Run `rlang::last_error()` to see where the error occurred.
And I get an unexpected (to me) result when I use .
inside of count()
:
mtcars %>%
count(.[["cyl"]]) %>%
mutate(variable = names(.)[1])
.[["cyl"]] n variable
1 4 11 .[["cyl"]]
2 6 7 .[["cyl"]]
3 8 14 .[["cyl"]]
I suspect it has something to do with, "Note that .data is not a data frame; it’s a special construct, a pronoun, that allows you to access the current variables either directly, with .data$x or indirectly with .data[[var]]. Don’t expect other functions to work with it," from the Programming with dplyr article. This tells me what .data
isn't -- a data frame -- but, I'm still not sure what .data
is and how it differs from .
.
I tried figuring it out like this:
mtcars %>%
count(.data[["cyl"]]) %>%
mutate(variable = list(.data))
But, the result <S3: rlang_data_pronoun>
doesn't mean anything to me that helps me understand. If anybody out there has a better grasp on this, I would appreciate a brief lesson. Thanks!
Up front, I think .data
's intent is a little confusing until one also considers its sibling pronoun, .env
.
The dot .
is something that magrittr::%>%
sets up and uses; since dplyr
re-exports it, it's there. And whenever you reference it, it is a real object, so names(.)
, nrow(.)
, etc all work as expected. It does reflect data up to this point in the pipeline.
.data
, on the other hand, is defined within rlang
for the purpose of disambiguating symbol resolution. Along with .env
, it allows you to be perfectly clear on where you want a particular symbol resolved (when ambiguity is expected).
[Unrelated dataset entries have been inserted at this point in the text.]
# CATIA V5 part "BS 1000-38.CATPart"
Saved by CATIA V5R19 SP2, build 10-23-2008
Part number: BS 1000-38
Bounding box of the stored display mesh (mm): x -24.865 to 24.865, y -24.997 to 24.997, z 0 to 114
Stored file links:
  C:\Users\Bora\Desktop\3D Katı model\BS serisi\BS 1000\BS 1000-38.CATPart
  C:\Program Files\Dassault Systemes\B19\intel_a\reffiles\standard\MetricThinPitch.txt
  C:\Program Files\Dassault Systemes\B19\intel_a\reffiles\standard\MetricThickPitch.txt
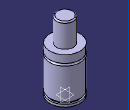
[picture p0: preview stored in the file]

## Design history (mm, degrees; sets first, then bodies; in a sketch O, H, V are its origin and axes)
Body1 (main body)
  Sketch1 on yz-plane, origin (0, 0, 0), H (0, 1, 0), V (0, 0, 1)
    point P2 (14, 112)
    line L1 (14, 112) -> (14, 75)
    point P3 (25, 62.5)
    line L2 (25, 75) -> (25, 62.5)
    point P6 (25, 58.5)
    line L3 (25, 58.5) -> (25, 7.5)
    line L4 (25, 4) -> (25, 0)
    point P9 (25, 58.5)
    point P10 (25, 62.5)
    arc A1 centre (25, 60.5) radius 2 from (25, 62.5) to (25, 58.5) ccw
    point P12 (14, 112)
    arc A2 centre (12, 112) radius 2 from (14, 112) to (12, 114) ccw
    point P13 (22.5, 4)
    point P14 (22.5, 4)
    line L5 (22.5, 7.5) -> (22.5, 4)
    line L6 (12, 114) -> (0, 114)
    line L7 (14, 75) -> (25, 75)
    line L8 (0, 0) -> (25, 0)
    line L9 (22.5, 7.5) -> (25, 7.5)
    line L10 (22.5, 4) -> (25, 4)
    tangency: L6 A2
    horizontal: L7 H, L8 H, L9 H, L10 H
    coincidence: P2 P12, P3 P10, P6 P9, P13 P14
  Shaft1: profile Sketch1, axis Sketch1.V, angle 360
  Sketch2 on face of Shaft1 from Sketch1.L8, origin (0, 0, 0), H (1, 0, 0), V (0, -1, 0)
    point P1 (10, 0)
    distance P1 V = 10
  Hole1: placed by Sketch2, at (10, 0, 0) direction (0, 0, 1), diameter 6.647, depth 6, threaded "M8", thread diameter 8, thread depth 6, pitch 1.25
  CircPattern1: of Hole1, instances 2, angular step 180, axis from xy-plane
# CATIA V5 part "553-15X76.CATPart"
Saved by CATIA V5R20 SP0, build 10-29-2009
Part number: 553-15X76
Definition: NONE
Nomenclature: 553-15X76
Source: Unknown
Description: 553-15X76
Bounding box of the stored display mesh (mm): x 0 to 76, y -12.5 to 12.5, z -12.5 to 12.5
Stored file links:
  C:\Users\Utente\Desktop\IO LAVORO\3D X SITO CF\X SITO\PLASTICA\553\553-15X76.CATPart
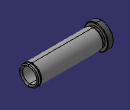
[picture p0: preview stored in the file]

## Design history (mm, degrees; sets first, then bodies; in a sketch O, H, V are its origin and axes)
Body1 "553-15X76" (main body)
  Solid1: solid without history

From ?.data
, I think this is a clarifying contrast:
disp <- 10
mtcars %>% mutate(disp = .data$disp * .env$disp)
mtcars %>% mutate(disp = disp * disp)
However, as stated in the help pages, .data
(and .env
) is just a "pronoun" (we have verbs, so now we have pronouns too), so it is just a pointer to explain to the tidy internals where the symbol should be resolved. It's just a hint of sorts.
So your statement
both
.
and.data
just mean "our result up to this point in the pipeline."
is not correct: .
represents the data up to this point, .data
is just a declarative hint to the internals.
Consider another way of thinking about .data
: let's say we have two functions that completely disambiguate the environment a symbol is referenced against:
get_internally
, this symbol must always reference a column name, it will not reach out to the enclosing environment if the column does not exist; andget_externally
, this symbol must always reference a variable/object in the enclosing environment, it will never match a column.In that case, translating the above examples, one might use
disp <- 10
mtcars %>%
mutate(disp = get_internally(disp) * get_externally(disp))
In that case, it seems more obvious that get_internally
is not a frame, so you can't call names(get_internally)
and expect it to do something meaningful (other than NULL
). It'd be like names(mutate)
.
So don't think of .data
as an object, think of it as a mechanism to disambiguate the environment of the symbol. I think the $
it uses is both terse/easy-to-use and absolutely-misleading: it is not a list
-like or environment
-like object, even if it is being treated as such.
BTW: one can write any S3 method for $
that makes any classed-object look like a frame/environment:
`$.quux` <- function(x, nm) paste0("hello, ", nm, "!")
obj <- structure(0, class = "quux")
obj$r2evans
# [1] "hello, r2evans!"
names(obj)
# NULL
(The presence of a $
accessor does not always mean the object is a frame/env.)